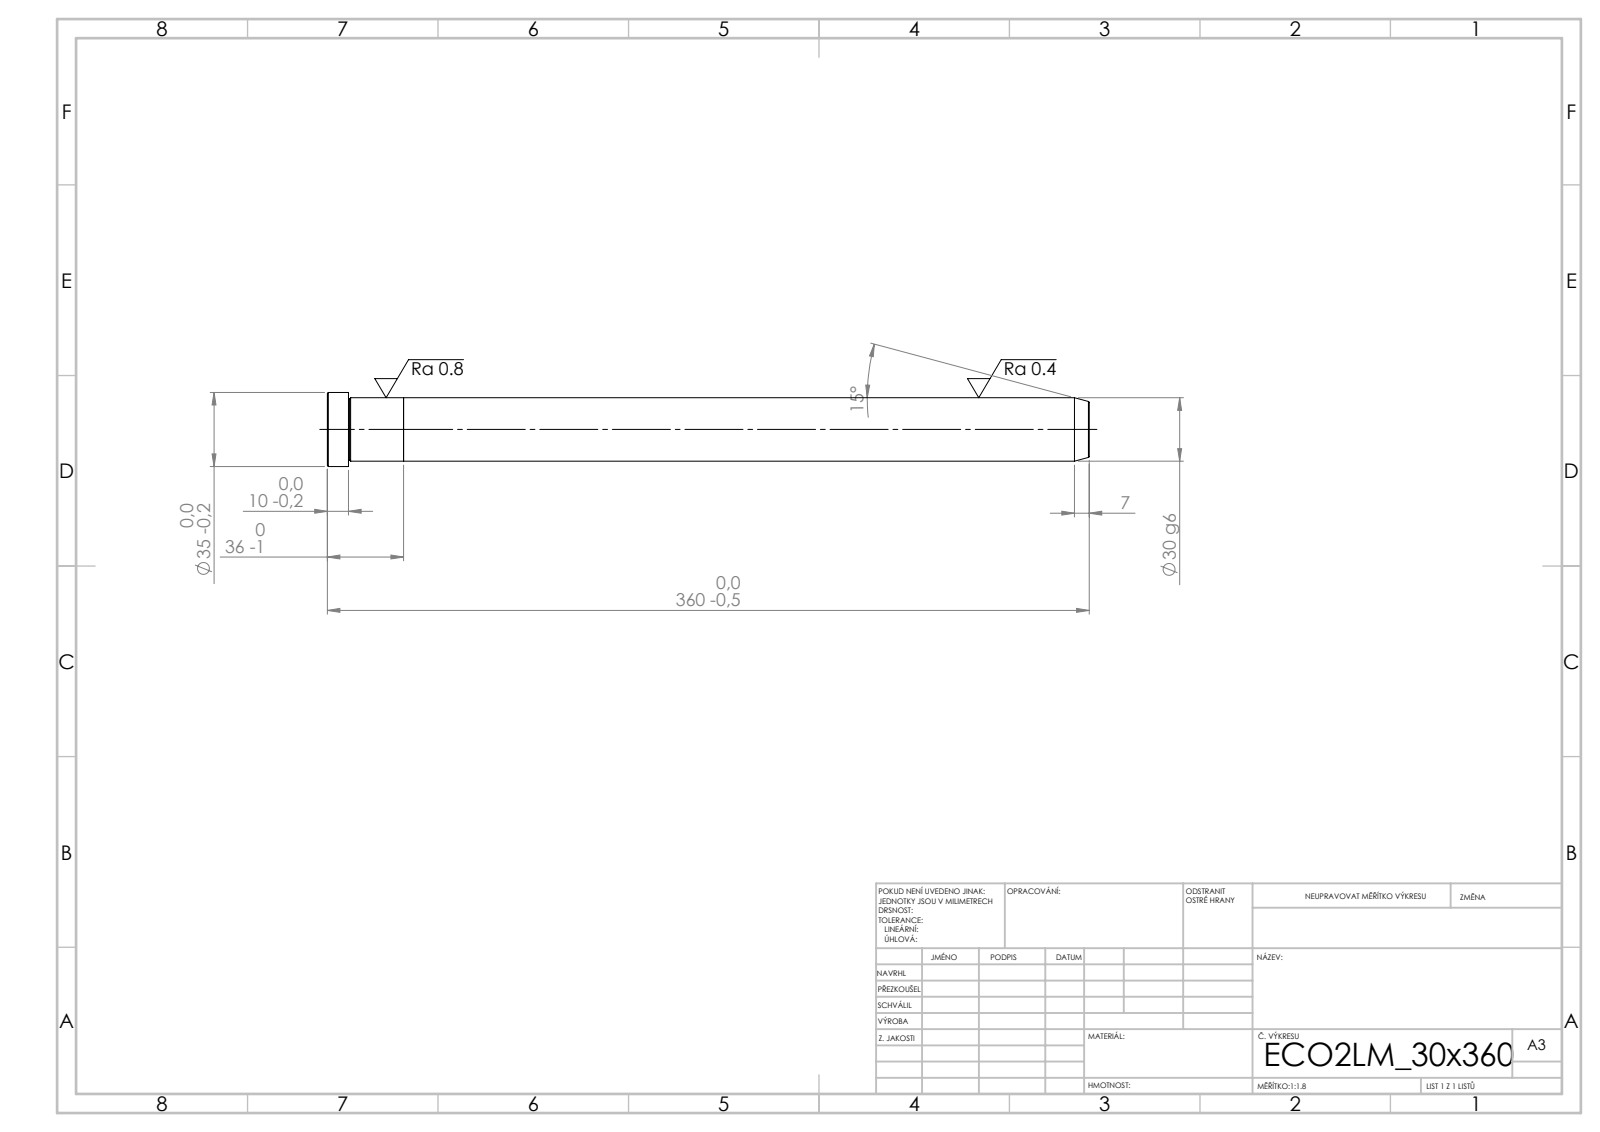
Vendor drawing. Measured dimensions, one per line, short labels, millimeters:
written by: SolidWorks 2019 (CONFIG_CONTROL_DESIGN)
unit: mm
bodies: 2 solids, 21 faces (5 planar, 6 cylindrical, 10 other)
size: 360 × 35 × 35
volume: 256 376 mm³; area: 37 248 mm²
bosses: 1× ⌀35, 1× ⌀30
face distances: 36, 324, 360, 350, 26, 10
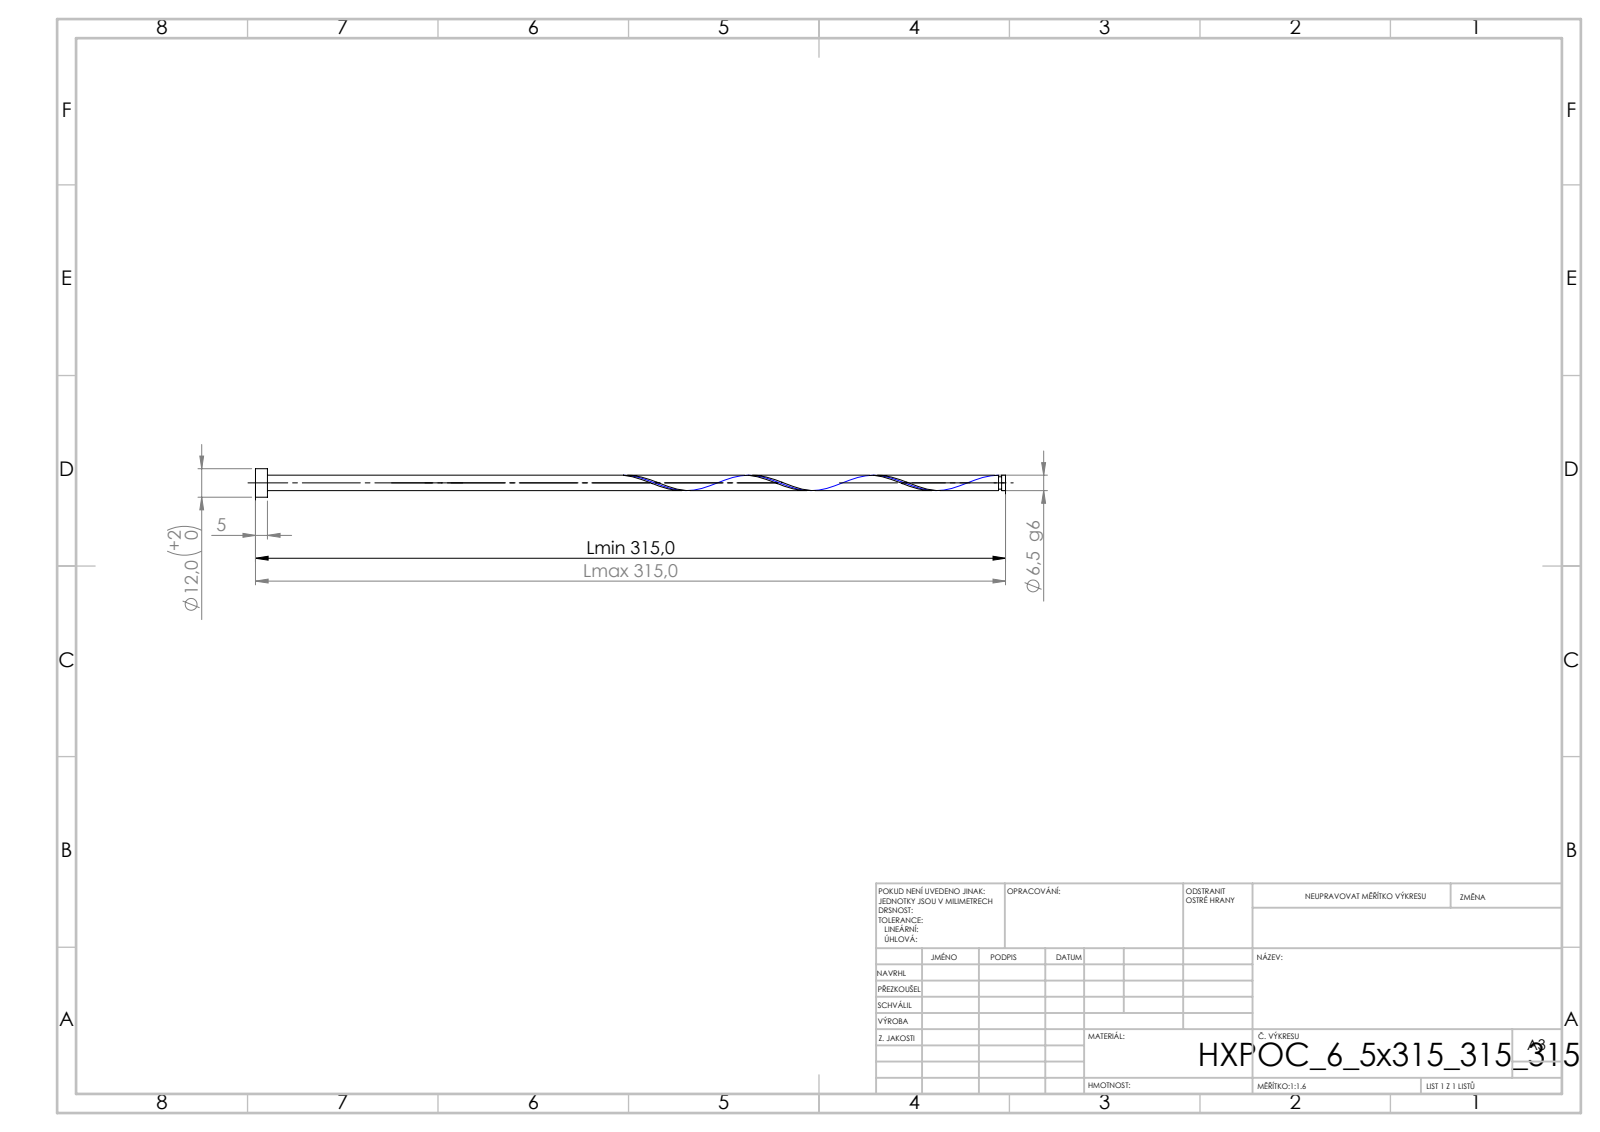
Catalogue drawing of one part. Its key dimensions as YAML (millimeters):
step_written_by: "SolidWorks 2019 (CONFIG_CONTROL_DESIGN)"
units: millimeters
bodies: {solids: 1, faces: 21, planar: 6, cylindrical: 14, other: 1}
overall_size: [315, 12, 12]
volume: 10737
surface_area: 6870
round_bosses_or_shafts:
  - {diameter: 12, count: 1}
  - {diameter: 6.5, count: 1}
  - {diameter: 5.2, count: 1}
face_to_face_distances: [5, 315, 310, 313.34, 308.34, 1.66, 312.04, 307.04, 1.3, 2.96]
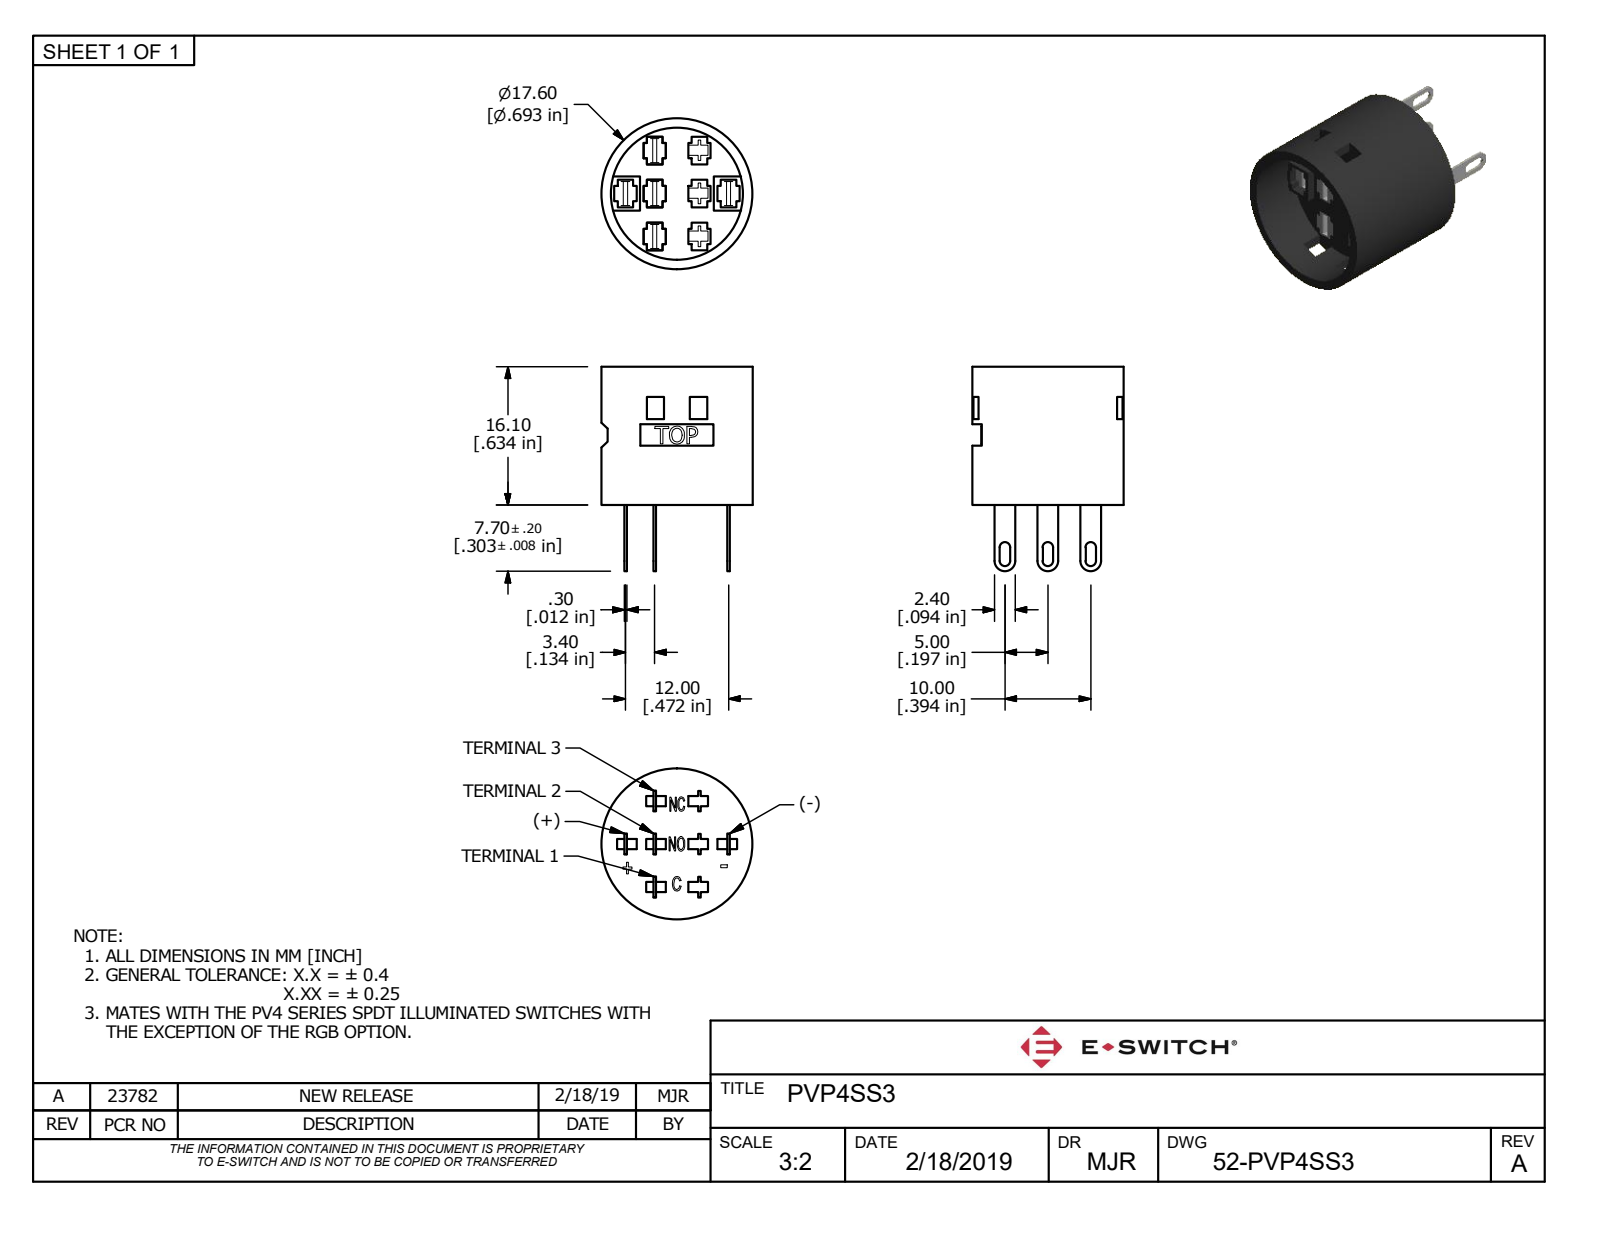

##########

WORK TO COMPLETE
With the pictures left out, output the lines from the one containing "Catalogue drawing of" through the last line of the records above, exactly as they are.

SOLUTION TO THE EXERCISE
Catalogue drawing of one part. Its key dimensions as YAML (millimeters):
step_written_by: "SolidWorks 2019 (CONFIG_CONTROL_DESIGN)"
units: millimeters
bodies: {solids: 1, faces: 21, planar: 6, cylindrical: 14, other: 1}
overall_size: [315, 12, 12]
volume: 10737
surface_area: 6870
round_bosses_or_shafts:
  - {diameter: 12, count: 1}
  - {diameter: 6.5, count: 1}
  - {diameter: 5.2, count: 1}
face_to_face_distances: [5, 315, 310, 313.34, 308.34, 1.66, 312.04, 307.04, 1.3, 2.96]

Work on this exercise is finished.